I see the PSNI have charged loyalist Winston Rea in relation to the murders of John Devine and John O’Hara.
For me there are two things this week highlights. First the debate on whether people involved in conflict related actions should face any form of prosecution. Second how victims’ rights are entirely dismissed once that debate starts. And how any voice on transitional justice and truth recovery has been legally and politically marginalised. Oh actually that’s three things. Sorry.
The first question was brought into sharp relief by two social media posts I read. The first by PUP spokesperson Winston Irvine. He asserted on Twitter, “The charging of Winston Rea further highlights the partial nature of historic investigation processes. Either we go after everyone or no one”. The second was on the Facebook of Jim Clinton whose wife Theresa was murdered by the UFF in 1994 in the most conspicuous case of collusion with state forces. Jim shared a media announcement of the charging of Rea saying he was thinking of the O’Hara and Devine families, and someone answered it by saying “I just look forward to the day when senior RUC and British military figures along with their political backers are brought before the same court as their co-accused Winkie Rea”. Jim’s short answer summed up a 22 year experience of impunity. “Won’t Happen”.
And there it is. Those who feel that no one should be pursued at all and those who believe state actors will never be held to account. Never have, never will.

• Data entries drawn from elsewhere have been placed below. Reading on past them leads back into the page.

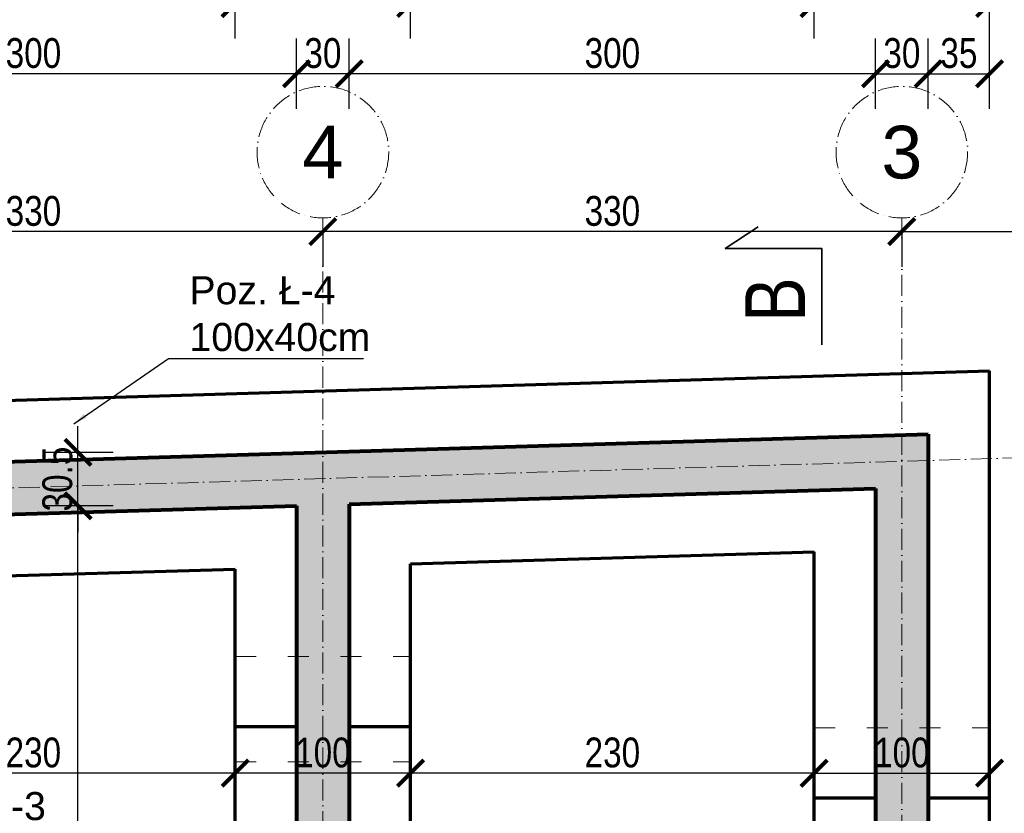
# Model space of a CAD drawing. Header units: inches. Extents: x 201967 to 338763, y -32705 to 30884.
# Tile 191 of 236: x 319461 to 320023, y 16731 to 17184. Entities that reach past the tile are written whole.
import ezdxf
from ezdxf.enums import TextEntityAlignment as Align

# ---------------------------------------------------------------- set-up
doc = ezdxf.new("R2010")
doc.units = ezdxf.units.IN
doc.header["$MEASUREMENT"] = 0
doc.linetypes.add('ACAD_ISO03W100', pattern=[30, 12, -18])
doc.linetypes.add('ACAD_ISO10W100', pattern=[18, 12, -3, 0, -3])
for name, color, linetype, lineweight in [('01 a KONSTRUKCJA żelbet', 94, 'Continuous', 80), ('01 c KONSTRUKCJA ławy', 45, 'Continuous', 70), ('01h3 KONSTRUKCJA pozycje słupy', 252, 'Continuous', 13), ('11 OSIE ściany', 2, 'ACAD_ISO10W100', 5), ('12 PRZERYWANE 1', 73, 'ACAD_ISO03W100', 9), ('20 KRESKOWANIE ścian', 63, 'Continuous', 5), ('90 WYMIAR', 155, 'Continuous', 9), ('91 PRZEKROJE', 7, 'Continuous', 35)]:
    doc.layers.add(name, color=color, linetype=linetype, lineweight=lineweight)
doc.styles.add('100 arial', font='arial.ttf', dxfattribs={"width": 0.8, "height": 17})
doc.styles.add('arialcce', font='arial.ttf')
doc.styles.add('OPIS', font='arial.ttf')
doc.styles.add('RomanS', font='romans.shx')
doc.dimstyles.new('100', dxfattribs={"dimscale": 10, "dimtxt": 17, "dimasz": 1.5, "dimexe": 2, "dimexo": 2, "dimgap": 0.3, "dimtad": 1, "dimdec": 1, "dimrnd": 0.5, "dimdsep": 46, "dimtxsty": '100 arial', "dimblk": 'ARCHTICK', "dimcen": 10, "dimclrd": 256, "dimclre": 256, "dimclrt": 256, "dimadec": 0, "dimazin": 0, "dimtfac": 1, "dimtdec": 1, "dimtix": 1, "dimtmove": 1, "dimatfit": 3, "dimfxl": 2, "dimfxlon": 1, "dimtolj": 1, "dimarcsym": 0})
doc.dimstyles.new('DIM100txt12', dxfattribs={"dimtxt": 12, "dimasz": 1.05, "dimexe": 0, "dimexo": 8, "dimgap": 4, "dimtad": 1, "dimdec": 7, "dimrnd": 0.5, "dimdsep": 46, "dimtxsty": 'RomanS', "dimblk1": 'DIM', "dimblk2": 'DIM', "dimsah": 1, "dimcen": 0.09, "dimse1": 1, "dimse2": 1, "dimclrt": 256, "dimadec": 1, "dimazin": 0, "dimtfac": 1, "dimtdec": 7, "dimtix": 1, "dimtofl": 0, "dimtmove": 2, "dimatfit": 3, "dimfxl": 1, "dimtolj": 1, "dimtzin": 0, "dimarcsym": 0})

# ---------------------------------------------------------------- blocks, each defined once
blk = doc.blocks.new('_ARCHTICK')
at = {"color": 0, "linetype": 'ByBlock', "const_width": 0.15}
blk.add_lwpolyline([(-0.5, -0.5), (0.5, 0.5)], dxfattribs=at)
blk = doc.blocks.new('*D1182')
at = {"layer": '90 WYMIAR', "lineweight": -2, "transparency": 16777216}
for p, q in [((319634.12, 17062.84), (319634.12, 17042.84)), ((319964.12, 17062.84), (319634.12, 17062.84)), ((319964.12, 17062.84), (319964.12, 17042.84))]:
    blk.add_line(p, q, dxfattribs=at)
at = {"layer": 'Defpoints', "color": 0, "transparency": 16777216}
for p in [(319634.12, 17070.65), (319964.12, 17070.65), (319634.12, 17062.84)]:
    blk.add_point(p, dxfattribs=at)
at = {"layer": '90 WYMIAR', "lineweight": -2, "transparency": 16777216, "xscale": 15, "yscale": 15, "zscale": 15, "rotation": 180}
blk.add_blockref('_ARCHTICK', (319634.12, 17062.84), dxfattribs=at)
at = {"layer": '90 WYMIAR', "lineweight": -2, "transparency": 16777216, "xscale": 15, "yscale": 15, "zscale": 15}
blk.add_blockref('_ARCHTICK', (319964.12, 17062.84), dxfattribs=at)
at = {"layer": '90 WYMIAR', "transparency": 16777216, "insert": (319799.12, 17074.53), "char_height": 17, "attachment_point": 5, "style": '100 arial'}
blk.add_mtext('\\A1;330', dxfattribs=at)
blk = doc.blocks.new('*D1183')
at = {"layer": '90 WYMIAR', "lineweight": -2, "transparency": 16777216}
for p, q in [((319304.12, 17062.84), (319304.12, 17042.84)), ((319634.12, 17062.84), (319304.12, 17062.84)), ((319634.12, 17062.84), (319634.12, 17042.84))]:
    blk.add_line(p, q, dxfattribs=at)
at = {"layer": 'Defpoints', "color": 0, "transparency": 16777216}
for p in [(319304.12, 17070.65), (319634.12, 17070.65), (319304.12, 17062.84)]:
    blk.add_point(p, dxfattribs=at)
at = {"layer": '90 WYMIAR', "lineweight": -2, "transparency": 16777216, "xscale": 15, "yscale": 15, "zscale": 15, "rotation": 180}
blk.add_blockref('_ARCHTICK', (319304.12, 17062.84), dxfattribs=at)
at = {"layer": '90 WYMIAR', "lineweight": -2, "transparency": 16777216, "xscale": 15, "yscale": 15, "zscale": 15}
blk.add_blockref('_ARCHTICK', (319634.12, 17062.84), dxfattribs=at)
at = {"layer": '90 WYMIAR', "transparency": 16777216, "insert": (319469.12, 17074.53), "char_height": 17, "attachment_point": 5, "style": '100 arial'}
blk.add_mtext('\\A1;330', dxfattribs=at)
blk = doc.blocks.new('1 osie 1 część BPPZ')
at = {"layer": '11 OSIE ściany'}
for p, q in [((-1337.4, -530), (-1337.4, 870)), ((-1007.4, -170), (-1007.4, 870)), ((-2017.4, 700.95), (-907.4, 734.24))]:
    blk.add_line(p, q, dxfattribs=at)
for centre in [(-1337.4, 907.5), (-1007.4, 907.5)]:
    blk.add_circle(centre, 37.5, dxfattribs=at)
at = {"layer": '11 OSIE ściany', "style": 'arialcce'}
for s, p in [('4', (-1337.4, 907.5)), ('3', (-1007.4, 907.5))]:
    blk.add_text(s, height=30, dxfattribs=at).set_placement(p, align=Align.MIDDLE_CENTER)
blk = doc.blocks.new('1 przekroje jagielońska')
at = {"layer": '91 PRZEKROJE'}
blk.add_lwpolyline([(-2172.08, 797.65), (-2172.08, 852.65), (-2227.08, 852.65), (-2208.24, 864.95)], dxfattribs=at)
at = {"layer": '91 PRZEKROJE', "color": 2, "insert": (-2215.64, 810.8), "char_height": 34, "attachment_point": 1, "rotation": 90, "style": '100 arial'}
blk.add_mtext_dynamic_manual_height_columns('B', width=64.0782, gutter_width=85, heights=[0], dxfattribs=at)
blk = doc.blocks.new('DIM')
for p, q in [((0, -13), (0, 13)), ((8, 0), (-8, 0))]:
    blk.add_line(p, q)
at = {"const_width": 1.714}
blk.add_lwpolyline([(5.714, 5.714), (-5.714, -5.714)], dxfattribs=at)
blk = doc.blocks.new('*D1232')
at = {"layer": '90 WYMIAR', "lineweight": -2, "transparency": 16777216}
for p, q in [((319634.12, 17062.84), (319634.12, 17042.84)), ((319964.12, 17062.84), (319634.12, 17062.84)), ((319964.12, 17062.84), (319964.12, 17042.84))]:
    blk.add_line(p, q, dxfattribs=at)
at = {"layer": 'Defpoints', "color": 0, "transparency": 16777216}
for p in [(319634.12, 17070.65), (319964.12, 17070.65), (319634.12, 17062.84)]:
    blk.add_point(p, dxfattribs=at)
at = {"layer": '90 WYMIAR', "lineweight": -2, "transparency": 16777216, "xscale": 15, "yscale": 15, "zscale": 15, "rotation": 180}
blk.add_blockref('_ARCHTICK', (319634.12, 17062.84), dxfattribs=at)
at = {"layer": '90 WYMIAR', "lineweight": -2, "transparency": 16777216, "xscale": 15, "yscale": 15, "zscale": 15}
blk.add_blockref('_ARCHTICK', (319964.12, 17062.84), dxfattribs=at)
at = {"layer": '90 WYMIAR', "transparency": 16777216, "insert": (319799.12, 17074.53), "char_height": 17, "attachment_point": 5, "style": '100 arial'}
blk.add_mtext('\\A1;330', dxfattribs=at)
blk = doc.blocks.new('*D1233')
at = {"layer": '90 WYMIAR', "lineweight": -2, "transparency": 16777216}
for p, q in [((319304.12, 17062.84), (319304.12, 17042.84)), ((319634.12, 17062.84), (319304.12, 17062.84)), ((319634.12, 17062.84), (319634.12, 17042.84))]:
    blk.add_line(p, q, dxfattribs=at)
at = {"layer": 'Defpoints', "color": 0, "transparency": 16777216}
for p in [(319304.12, 17070.65), (319634.12, 17070.65), (319304.12, 17062.84)]:
    blk.add_point(p, dxfattribs=at)
at = {"layer": '90 WYMIAR', "lineweight": -2, "transparency": 16777216, "xscale": 15, "yscale": 15, "zscale": 15, "rotation": 180}
blk.add_blockref('_ARCHTICK', (319304.12, 17062.84), dxfattribs=at)
at = {"layer": '90 WYMIAR', "lineweight": -2, "transparency": 16777216, "xscale": 15, "yscale": 15, "zscale": 15}
blk.add_blockref('_ARCHTICK', (319634.12, 17062.84), dxfattribs=at)
at = {"layer": '90 WYMIAR', "transparency": 16777216, "insert": (319469.12, 17074.53), "char_height": 17, "attachment_point": 5, "style": '100 arial'}
blk.add_mtext('\\A1;330', dxfattribs=at)
blk = doc.blocks.new('*D1231')
at = {"layer": '90 WYMIAR', "lineweight": -2, "transparency": 16777216}
for p, q in [((320971.52, 17042.84), (320971.52, 17082.84)), ((319964.12, 17062.84), (319964.12, 17042.84)), ((319964.12, 17062.84), (320971.52, 17062.84))]:
    blk.add_line(p, q, dxfattribs=at)
at = {"layer": 'Defpoints', "color": 0, "transparency": 16777216}
for p in [(319964.12, 17070.65), (320971.52, 17062.84), (320971.52, 16300.65)]:
    blk.add_point(p, dxfattribs=at)
at = {"layer": '90 WYMIAR', "lineweight": -2, "transparency": 16777216, "xscale": 15, "yscale": 15, "zscale": 15, "rotation": 180}
blk.add_blockref('_ARCHTICK', (319964.12, 17062.84), dxfattribs=at)
at = {"layer": '90 WYMIAR', "lineweight": -2, "transparency": 16777216, "xscale": 15, "yscale": 15, "zscale": 15}
blk.add_blockref('_ARCHTICK', (320971.52, 17062.84), dxfattribs=at)
at = {"layer": '90 WYMIAR', "transparency": 16777216, "insert": (320467.82, 17074.52), "char_height": 17, "attachment_point": 5, "style": '100 arial'}
blk.add_mtext('\\A1;1007.5', dxfattribs=at)
blk = doc.blocks.new('*D1242')
at = {"layer": '90 WYMIAR', "lineweight": -2, "transparency": 16777216}
for p, q in [((322365.52, 16931.89), (322405.52, 16931.89)), ((322385.52, 16430.65), (322385.52, 16931.89)), ((322365.52, 16430.65), (322405.52, 16430.65))]:
    blk.add_line(p, q, dxfattribs=at)
at = {"layer": 'Defpoints', "color": 0, "transparency": 16777216}
for p in [(319964.12, 16931.89), (322385.52, 16931.89), (320064.12, 16430.65)]:
    blk.add_point(p, dxfattribs=at)
at = {"layer": '90 WYMIAR', "lineweight": -2, "transparency": 16777216, "xscale": 15, "yscale": 15, "zscale": 15}
for p, rotation in [((322385.52, 16931.89), 90), ((322385.52, 16430.65), 270)]:
    blk.add_blockref('_ARCHTICK', p, dxfattribs=dict(at, rotation=rotation))
at = {"layer": '90 WYMIAR', "transparency": 16777216, "insert": (322373.84, 16681.27), "char_height": 17, "attachment_point": 5, "rotation": 90, "style": '100 arial'}
blk.add_mtext('\\A1;501', dxfattribs=at)
blk = doc.blocks.new('*D1310')
at = {"layer": '90 WYMIAR', "lineweight": -2, "transparency": 16777216}
for p, q in [((319914.12, 16774.12), (319914.12, 16734.12)), ((320014.12, 16774.12), (320014.12, 16734.12)), ((319914.12, 16754.12), (320014.12, 16754.12))]:
    blk.add_line(p, q, dxfattribs=at)
at = {"layer": 'Defpoints', "color": 0, "transparency": 16777216}
for p in [(319914.12, 16880.37), (320014.12, 16880.37), (320014.12, 16754.12)]:
    blk.add_point(p, dxfattribs=at)
at = {"layer": '90 WYMIAR', "lineweight": -2, "transparency": 16777216, "xscale": 15, "yscale": 15, "zscale": 15, "rotation": 180}
blk.add_blockref('_ARCHTICK', (319914.12, 16754.12), dxfattribs=at)
at = {"layer": '90 WYMIAR', "lineweight": -2, "transparency": 16777216, "xscale": 15, "yscale": 15, "zscale": 15}
blk.add_blockref('_ARCHTICK', (320014.12, 16754.12), dxfattribs=at)
at = {"layer": '90 WYMIAR', "transparency": 16777216, "insert": (319964.12, 16765.8), "char_height": 17, "attachment_point": 5, "style": '100 arial'}
blk.add_mtext('\\A1;100', dxfattribs=at)
blk = doc.blocks.new('*D1311')
at = {"layer": '90 WYMIAR', "lineweight": -2, "transparency": 16777216}
for p, q in [((319684.12, 16774.12), (319684.12, 16734.12)), ((319914.12, 16774.12), (319914.12, 16734.12)), ((319914.12, 16754.12), (319684.12, 16754.12))]:
    blk.add_line(p, q, dxfattribs=at)
at = {"layer": 'Defpoints', "color": 0, "transparency": 16777216}
for p in [(319914.12, 16880.37), (319684.12, 16873.47), (319684.12, 16754.12)]:
    blk.add_point(p, dxfattribs=at)
at = {"layer": '90 WYMIAR', "lineweight": -2, "transparency": 16777216, "xscale": 15, "yscale": 15, "zscale": 15, "rotation": 180}
blk.add_blockref('_ARCHTICK', (319684.12, 16754.12), dxfattribs=at)
at = {"layer": '90 WYMIAR', "lineweight": -2, "transparency": 16777216, "xscale": 15, "yscale": 15, "zscale": 15}
blk.add_blockref('_ARCHTICK', (319914.12, 16754.12), dxfattribs=at)
at = {"layer": '90 WYMIAR', "transparency": 16777216, "insert": (319799.12, 16765.8), "char_height": 17, "attachment_point": 5, "style": '100 arial'}
blk.add_mtext('\\A1;230', dxfattribs=at)
blk = doc.blocks.new('*D1312')
at = {"layer": '90 WYMIAR', "lineweight": -2, "transparency": 16777216}
for p, q in [((319584.12, 16774.12), (319584.12, 16734.12)), ((319684.12, 16774.12), (319684.12, 16734.12)), ((319684.12, 16754.12), (319584.12, 16754.12))]:
    blk.add_line(p, q, dxfattribs=at)
at = {"layer": 'Defpoints', "color": 0, "transparency": 16777216}
for p in [(319684.12, 16873.47), (319584.12, 16870.47), (319584.12, 16754.12)]:
    blk.add_point(p, dxfattribs=at)
at = {"layer": '90 WYMIAR', "lineweight": -2, "transparency": 16777216, "xscale": 15, "yscale": 15, "zscale": 15, "rotation": 180}
blk.add_blockref('_ARCHTICK', (319584.12, 16754.12), dxfattribs=at)
at = {"layer": '90 WYMIAR', "lineweight": -2, "transparency": 16777216, "xscale": 15, "yscale": 15, "zscale": 15}
blk.add_blockref('_ARCHTICK', (319684.12, 16754.12), dxfattribs=at)
at = {"layer": '90 WYMIAR', "transparency": 16777216, "insert": (319634.12, 16765.8), "char_height": 17, "attachment_point": 5, "style": '100 arial'}
blk.add_mtext('\\A1;100', dxfattribs=at)
blk = doc.blocks.new('*D1313')
at = {"layer": '90 WYMIAR', "lineweight": -2, "transparency": 16777216}
for p, q in [((319354.02, 16774.12), (319354.02, 16734.12)), ((319584.12, 16774.12), (319584.12, 16734.12)), ((319584.12, 16754.12), (319354.02, 16754.12))]:
    blk.add_line(p, q, dxfattribs=at)
at = {"layer": 'Defpoints', "color": 0, "transparency": 16777216}
for p in [(319584.12, 16870.47), (319354.02, 16863.57), (319354.02, 16754.12)]:
    blk.add_point(p, dxfattribs=at)
at = {"layer": '90 WYMIAR', "lineweight": -2, "transparency": 16777216, "xscale": 15, "yscale": 15, "zscale": 15, "rotation": 180}
blk.add_blockref('_ARCHTICK', (319354.02, 16754.12), dxfattribs=at)
at = {"layer": '90 WYMIAR', "lineweight": -2, "transparency": 16777216, "xscale": 15, "yscale": 15, "zscale": 15}
blk.add_blockref('_ARCHTICK', (319584.12, 16754.12), dxfattribs=at)
at = {"layer": '90 WYMIAR', "transparency": 16777216, "insert": (319469.07, 16765.8), "char_height": 17, "attachment_point": 5, "style": '100 arial'}
blk.add_mtext('\\A1;230', dxfattribs=at)
blk = doc.blocks.new('*D1413')
at = {"layer": '90 WYMIAR', "lineweight": -2, "transparency": 16777216}
for p, q in [((320471.75, 16983.41), (320511.75, 16983.41)), ((320491.75, 16983.41), (320491.75, 16880.37)), ((320471.75, 16880.37), (320511.75, 16880.37))]:
    blk.add_line(p, q, dxfattribs=at)
at = {"layer": 'Defpoints', "color": 0, "transparency": 16777216}
for p in [(320014.12, 16983.41), (319914.12, 16880.37), (320491.75, 16880.37)]:
    blk.add_point(p, dxfattribs=at)
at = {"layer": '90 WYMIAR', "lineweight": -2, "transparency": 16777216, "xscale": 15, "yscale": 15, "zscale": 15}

It is not lost on anyone that this week marks six full years since the publication of the Saville Report on Bloody Sunday – not a sniff of a PSNI prosecution of a Para.
Last week the inquest verdict on the killing of Armagh man Harry Thornton on the Springfield Road in 1971 said the killing was unreasonable, unnecessary and disproportionate. Not a squeak about accountability for either the killing or its cover up.
Politically and in socially commentary there is little language used which upholds victims’ rights. Oh the media will love to tell sad tales and use graphic photographs. Yes that happens. Our office just loves the journalist calls to “get a victim”. (No we don’t). But what about the use of language that recognises that the victims of conflict violations are not merely vehicles for a story of interest, but the holders of rights to truth, and justice. Yes justice. Be they victims of republicans, loyalists or the state, victims have rights. And those rights must not be treated as matters for political expediency or negotiation. By anyone.
Which is why the language of transitional justice is so important. These violations occurred in a time of conflict. Victims’ rights and their fulfilment must be integrated into our peace, not continually undermined. Victims are contributors to peace. And that does require a process of transitional justice that can frame the violations in the patterns and policies of the conflict actors, especially those of the state.
I have no faith in the PSNI’s engagements on conflict violations.
We need the Stormont House mechanisms established asap in a human rights compliant fashion. And we need state impunity addressed within that. And we need to loudly declare all victims’ rights and fulfil society’s obligations to them.